Come si è prodotta questa situazione? Lo studio esamina prima il quadro generale europeo, rilevando che nel periodo 2011-2012 l’accesso di nuova generazione alle reti (Nga, Next generation access), ovvero con velocità di 25 Mbps e oltre, raggiungeva l’82% della popolazione negli Usa, ma solo il 54% nell’Ue. La copertura del 4G/Lte mobile negli Usa è tre volte maggiore che in Ue e la Fiber to the home (Ftth) è diffusa quasi il doppio negli Usa che in Ue. La Fiber to the premises (Fttp) raggiunge il 23% della popolazione americana contro il 12% in Europa. Questo accade, spiega lo studio, perché l’approccio regolatorio light statunitense stimola i fornitori del broadband a investire nelle reti. Infatti, la spesa degli operatori negli Usa ammonta nel periodo considerato a 562 dollari per famiglia contro i 244 dollari dell’Ue.
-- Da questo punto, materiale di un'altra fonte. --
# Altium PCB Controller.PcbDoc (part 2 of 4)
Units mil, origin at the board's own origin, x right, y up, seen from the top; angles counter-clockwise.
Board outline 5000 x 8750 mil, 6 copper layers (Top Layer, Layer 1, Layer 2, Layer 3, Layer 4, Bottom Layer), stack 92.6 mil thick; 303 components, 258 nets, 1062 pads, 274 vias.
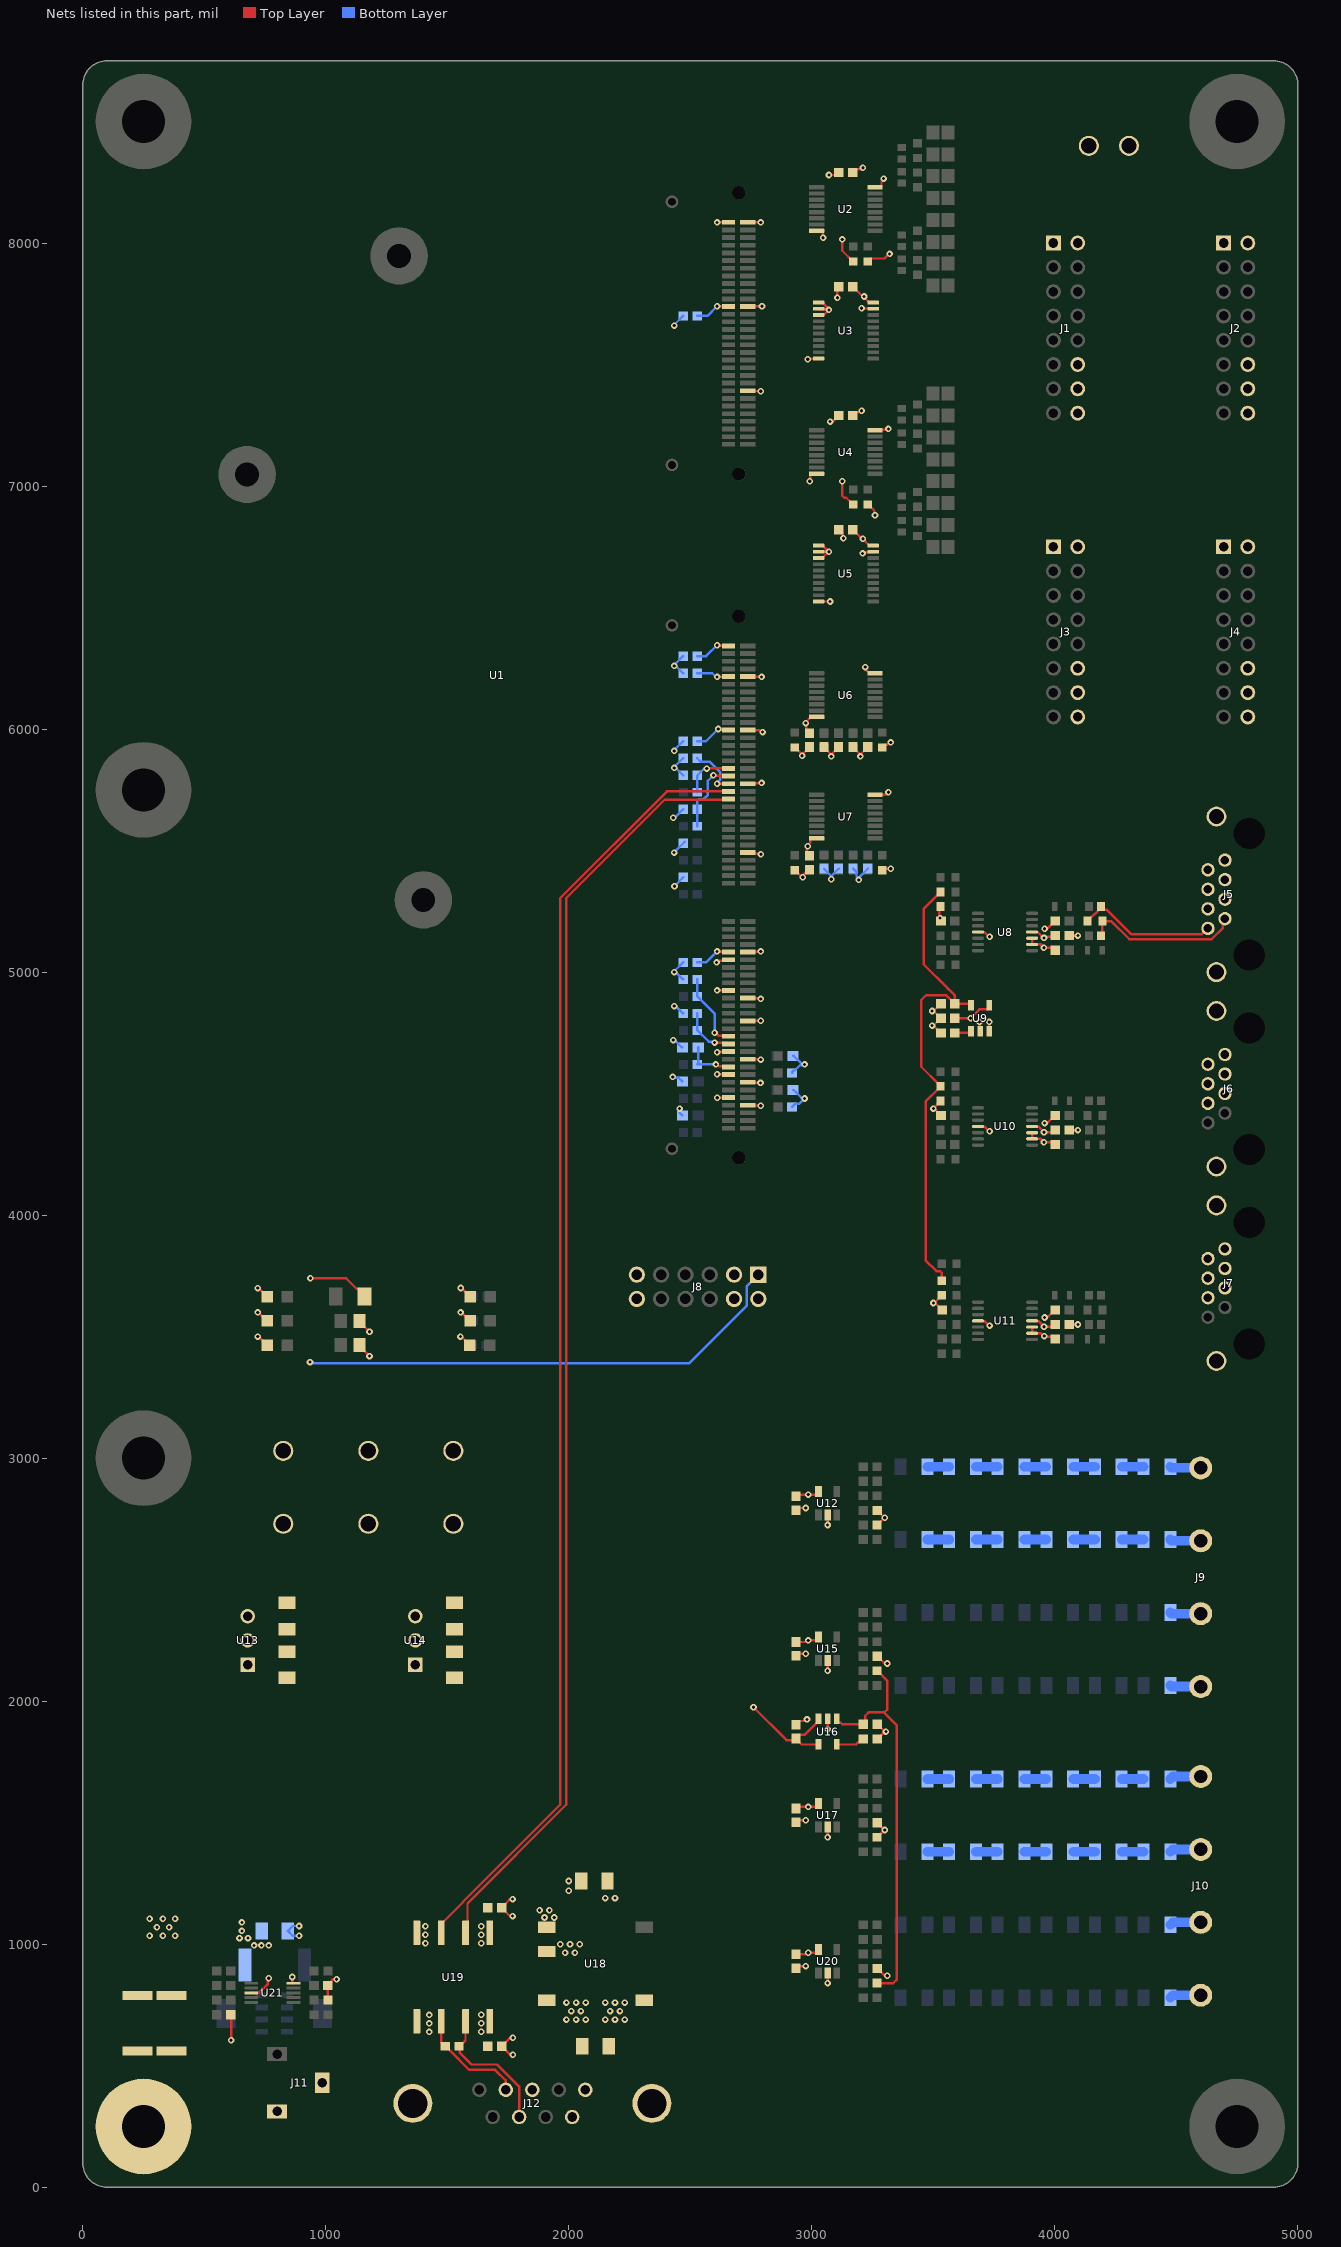
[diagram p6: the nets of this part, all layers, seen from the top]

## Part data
C1 C3 C4 C5 C7 C9 C10 C11: library part CMP-03020-017376-1, "CAP CER 27PF 250V C0G/NP0 0603", Capacitance="27 pF", Case/Package=0603, Manufacturer=KEMET, Package=CBR06C, Temperature="-55°C to +125°C", Temperature Characteristic=C0G, Temperature Coefficient=30ppm/°C, Temperature Range High=+125°C, Temperature Range Low=-55°C, Tolerance=0.01, Voltage Rating=250V
C2 C6 C8 C12 C13 C18 C21 C24 C25 C26 C29 C34 C38 C43 C47 C48 C49 C51 C54 C56 C61 C62 C63 C64 C65 C66 C75: library part CMP-2006-03057-2, "CAP CER 0.1UF 25V X7R 0603", Capacitance=0.10μF, Case/Package=0603, Manufacturer=KEMET, Temperature="-55°C to +125°C", Temperature Characteristic=X7R, Temperature Coefficient=30ppm/°C, Temperature Range High=+125°C, Temperature Range Low=-55°C, Tolerance=0.1, Voltage Rating=25V
C14 C15 C16 C17 C19 C20 C22 C23 C27 C28 C30 C31 C32 C33 C35 C36 C42 C46 C55 C57 C70 C71 C72 C73: library part CMP-001-00096-9, "CAP CER 100PF 50V X7R 0603", Capacitor Type=Ceramic, Case/Package=0603, Manufacturer=YAGEO, Max Operating Temperature=125°C, Min Operating Temperature=-55°C, Temperature Coefficient=X7R, Tolerance=10%, Voltage Rating=50V
C37 C39 C50 C52 C59: "CAP CER 4700PF 25V 10% X7R 0603", Capacitance=4.7nF, Case Code (Imperial)=0603, Case Code (Metric)=1608, Dielectric=X7R, Dielectric Material=Ceramic, Manufacturer=KEMET, Manufacturer Part Number=C0603C472K3RACTU, Max Operating Temperature=125°C, Min Operating Temperature=-55°C, Package Quantity=1, Supplier Part Number 1=67AH9250, Tolerance=10%, Voltage Rating=25V
C40 C41 C44 C45 C53 C60 C85: library part CMP-13271-001434-1, "CAP CER 10UF 25V X7R 1206", Capacitance=10μF, Case Code (Imperial)=1206, Case Code (Metric)=3216, Dielectric=X7R, Manufacturer=SAMSUNG, Max Operating Temperature=125°C, Min Operating Temperature=-55°C, Package Quantity=1, Tolerance=10%, Voltage Rating=25V
C58: "CAP CER 0.022UF 50V X7R 0805", Capacitance=22nF, Case Code (Imperial)=0805, Case Code (Metric)=2012, Dielectric=X7R, Dielectric Material=Ceramic, Insulation Resistance=100GR, Manufacturer=YAGEO, Max Operating Temperature=125°C, Min Operating Temperature=-55°C, Package Quantity=1, Supplier Part Number 1=2104784, Tolerance=10%, Voltage=50V
C67 C68 C69 C74 C76 C77: "CAP CER 56PF 50V C0G/NP0 0603", Capacitance=56pF, Case Code (Imperial)=0603, Case Code (Metric)=1608, Dielectric=C0G, Manufacturer=SAMSUNG, Max Operating Temperature=125°C, Min Operating Temperature=-55°C, Package Quantity=1, Temperature Coefficient=30ppm/°C, Tolerance=5%, Voltage=50V
C78 C79 C81 C82 C84: library part CMP-06035-043171-1, "CAP CER 0.27UF 16V X7R 0603", Capacitance=0.27μF, Case/Package=0603, Dielectric=X7R, Manufacturer=MURATA, Tolerance=10%, Voltage Rating (DC)=16V
C80 C83: library part CMP-001-00098-12, "CAP CER 1000PF 50V C0G/NP0 0603", Capacitor Type=Ceramic, Case/Package=0603, Manufacturer=KEMET, Manufacturer Part Number=C0603C102G5GAC7867, Max Operating Temperature=125°C, Min Operating Temperature=-55°C, Temperature Coefficient=C0G, Tolerance=2%, Voltage Rating=50V
D1 D2 D3 D5: library part CMP-22017-000007-1, "LED GREEN CLEAR CHIP SMD", Case Code (Imperial)=0805, Case Code (Metric)=2012, Color=GREEN, Forward Current=30mA, Forward Voltage=2.1V, Illumination Color=Green, Lens Color=Colorless, Manufacturer=LITE-ON, Max Operating Temperature=85°C, Min Operating Temperature=-55°C, Package Quantity=1, Power Dissipation=100mW, Reverse Voltage=5V, Test Current=10mA
D4: "LED YELLOW CLEAR 0805 SMD", Case Code (Imperial)=0805, Case Code (Metric)=2012, Color=Yellow, Forward Current=30mA, Forward Voltage=2V, Lens Color=Colorless, Manufacturer=LITE-ON, Max Operating Temperature=85°C, Max Power Dissipation=75mW, Min Operating Temperature=-55°C, Package Quantity=1, Reverse Voltage=5V, Supplier Part Number 1=6920950, Test Current=20mA
D6: "LED RED DIFFUSED 0805 SMD", Case Code (Imperial)=0805, Case Code (Metric)=2012, Color=RED, Forward Current=20mA, Forward Voltage=2V, Illumination Color=Red, Manufacturer="VISUAL COMMUNICATIONS", Max Operating Temperature=85°C, Min Operating Temperature=-40°C, Package Quantity=1, Power Rating=100mW, Reverse Voltage=5V, Supplier Part Number 1=45X6246
J1 J2 J3 J4: "CONN HEADER VERT 16POS 2.54MM", Case/Package=N/A, Flammability Rating="UL94 V-0", Insulation Color=Black, Manufacturer=SULLINS, Max Operating Temperature=105°C, Min Operating Temperature=-40°C, Supplier Part Number 1=S9171-ND
J5 J6 J7: "CONN MOD JACK R/A 8P8C SHLD", Case/Package=N/A, Manufacturer=TE
J8: "CONN HEADER VERT 12POS 2.54MM", Case/Package=N/A, Color=Black, Flammability Rating="UL94 V-0", Manufacturer="WURTH ELEKTRONIK", Manufacturer Print=WURTH, Max Operating Temperature=105°C, Min Operating Temperature=-40°C, Supplier Part Number 1=732-5297-ND, Voltage Rating=250V
J9 J10: "TERM BLOCK HDR 4POS 90DEG 7.62MM", Case/Package=N/A, Manufacturer="PHOENIX CONTACT"
J11: "CONN PWR JACK 2X5.5MM SOLDER", Case/Package=N/A, Color=Black, Current Rating=5A, Flammability Rating="UL94 V-0", Insulation Resistance=50MR, Manufacturer=CUI, Manufacturer Print="CUI DEVICES", Max Operating Temperature=85°C, Min Operating Temperature=-25°C, Package Quantity=280, Voltage Rating=24V
J12: "CONN D-SUB PLUG 9POS R/A SLDR", Case/Package=N/A, Color=Black, Current Rating=5A, Manufacturer=AMPHENOL, Max Operating Temperature=155°C, Max Supply Voltage (AC)=250V, Min Operating Temperature=-55°C, Supplier Part Number 1=70145033
L1 L2 L3 L4 L5 L6 L7 L8 L9 L10 L11 L12 L13 L14 L15 L16: library part CMP-08253-000143-1, "FIXED IND 1UH 1.15A 60 MOHM SMD", Case Code (Imperial)=0805, Case Code (Metric)=2012, Current Rating=1.15A, DC Resistance (DCR)=78mR, Inductance=1uH, Manufacturer=TDK, Max Operating Temperature=125°C, Min Operating Temperature=-55°C, Package Quantity=1, Saturation Current=220mA, Self Resonant Frequency=160MHz, Test Frequency=2MHz, Tolerance=20%
Q1 Q2: "MOSFET N-CH 120V 90A PWRDI5060-8", Case/Package=8-PowerTDFN, Manufacturer="DIODES INC", Supplier Part Number 1=68AH9585
R1 R2 R3 R6 R7 R8 R11 R12: library part CMP-009-00005-4, "RES 100 OHM 1% 1/10W 0603", Case/Package=0603, Manufacturer=YAGEO, Manufacturer Part Number=RC0603FR-13100RL, Max Operating Temperature=155°C, Min Operating Temperature=-55°C, Power=0.1W, Tolerance=1%, Voltage Rating=75V
R4 R5 R9 R10 R13 R14 R15 R20: library part CMP-009-00107-4, "RES SMD 15K OHM 0.1% 1/10W 0603", Case/Package=0603, Manufacturer=YAGEO, Max Operating Temperature=155°C, Min Operating Temperature=-55°C, Power=0.1W, Tolerance=0.1%, Voltage Rating=75V
R16 R17 R18 R19 R26 R40 R51 R83 R84 R85 R86: library part CMP-009-00006-5, "RES 120 OHM 1% 1/10W 0603", Case/Package=0603, Manufacturer=YAGEO, Max Operating Temperature=155°C, Min Operating Temperature=-55°C, Power=0.1W, Tolerance=1%, Voltage Rating=75V
R21 R28 R33 R42 R45 R54: library part CMP-009-00218-2, "RES SMD 27K OHM 0.5% 1/16W 0603", Case/Package=0603, Manufacturer=SUSUMU, Max Operating Temperature=125°C, Min Operating Temperature=-55°C, Power=0.06W, Tolerance=0.5%, Voltage Rating=75V
R22 R24 R34 R37 R46 R49: library part CMP-009-00039-5, "RES 20K OHM 1% 1/10W 0603", Case/Package=0603, Manufacturer=STACKPOLE, Max Operating Temperature=155°C, Min Operating Temperature=-55°C, Power=100mW, Tolerance=1%, Voltage Rating=75V
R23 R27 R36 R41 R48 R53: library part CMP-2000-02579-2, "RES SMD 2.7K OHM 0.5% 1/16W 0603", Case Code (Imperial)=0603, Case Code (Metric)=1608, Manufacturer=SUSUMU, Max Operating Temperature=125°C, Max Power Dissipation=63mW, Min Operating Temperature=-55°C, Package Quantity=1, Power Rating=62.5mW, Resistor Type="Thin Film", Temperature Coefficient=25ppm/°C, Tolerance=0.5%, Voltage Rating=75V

“L’Europa si è fondata su regolamentazioni che trattano il broadband come un servizio pubblico e si concentrano sulla promozione della concorrenza basata sui servizi, in cui i nuovi entranti affittano le infrastrutture degli incumbent a prezzi wholesale (unbundling)”, si legge nel report. “Gli Usa invece hanno in linea generale lasciato la costruzione, manutenzione e aggiornamento dell’infrastruttura Internet alle aziende private e si sono concentrati sulla promozione della concorrenza basata sull’infrastruttura, in cui ai nuovi entranti si chiede di costruirsi le loro reti. L’approccio americano si è rivelato molto più efficace nel favorire la copertura Nga di quello europeo”.

Quanto al caso italiano, per il report della University of Pennsylvania conferma due dati generalmente validi in tutta Europa: se manca la concorrenza basata sull’infrastruttura mancano anche gli investimenti per l’aggiornamento delle reti; inoltre, i Paesi che puntano in modo prioritario sulla Fttp hanno la più bassa copertura Nga. E l’Italia ha avuto una iniziale, e comunque importante, leadership nella Fttp, ma non è riuscita a “andare avanti”.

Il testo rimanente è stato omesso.